I read HN. I live in Belarus - PhilipDaineko
http://www.okendoken.com/2012/02/i-live-in-belarus.html
======
Opapa
I think you're overreacting. In some way there are some problems with
democracy in Belarus. But I don't think, that people are that desperate as you
described. I also think you should don't blame Government, 'cuz there are
still some good people out there. I sure, that you don't familiar with all
problems, that government is facing. Country has no resources, the legacy, it
got from USSR, is miserable. You just must understand, that there is some
price for independence. I know that today Belarus is bowing before Russia, but
there were some years, it has really independent policy! If you want to start
your business there is always a chance and you know it. Nobody will ever do
that for you.

------
pasbesoin
If communities like HN have a role they can fulfill, I think it is to keep the
information flowing -- throughout the world.
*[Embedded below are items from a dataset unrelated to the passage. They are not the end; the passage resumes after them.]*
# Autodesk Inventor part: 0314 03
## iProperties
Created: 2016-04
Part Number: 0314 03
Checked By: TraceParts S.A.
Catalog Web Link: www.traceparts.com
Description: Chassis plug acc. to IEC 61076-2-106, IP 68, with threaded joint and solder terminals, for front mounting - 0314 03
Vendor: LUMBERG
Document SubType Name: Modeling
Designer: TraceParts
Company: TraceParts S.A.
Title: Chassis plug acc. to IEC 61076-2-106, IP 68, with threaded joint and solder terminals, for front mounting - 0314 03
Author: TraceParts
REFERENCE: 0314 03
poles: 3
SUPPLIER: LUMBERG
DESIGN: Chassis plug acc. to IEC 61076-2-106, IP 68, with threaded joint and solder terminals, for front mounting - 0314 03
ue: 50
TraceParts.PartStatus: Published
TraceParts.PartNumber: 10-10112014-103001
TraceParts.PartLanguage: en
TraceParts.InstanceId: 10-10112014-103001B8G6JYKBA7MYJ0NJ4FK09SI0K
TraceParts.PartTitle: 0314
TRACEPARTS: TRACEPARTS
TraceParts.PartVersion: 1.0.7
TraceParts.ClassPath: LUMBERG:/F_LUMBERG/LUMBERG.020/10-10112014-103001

I believe the majority of people want good lives, not just for themselves but
for their neighbors. (If nothing else, happy neighbors are more enjoyable to
be around.)

(And most people find, ultimately, that the good -- best -- things in life are
family, friends, and "the simple things", like good health, a quiet
neighborhood, nature to enjoy, kids at play, pets, etc. Oh, and interesting
problems to discover and to solve.)

When we know what is (really) going on, we can make informed choices.

------
fractallyte
Wow, one would think that HN readers would be rather more interested in
solving 'big problems', such as this one...

It can't exactly be classed as a political problem: it's _psychological_ , in
the sense that a populace 'gets the government it deserves'. A true revolution
cannot be imposed, it must emerge from within (for analogy, consider:
<http://en.wikipedia.org/wiki/Synergetics_(Haken)>).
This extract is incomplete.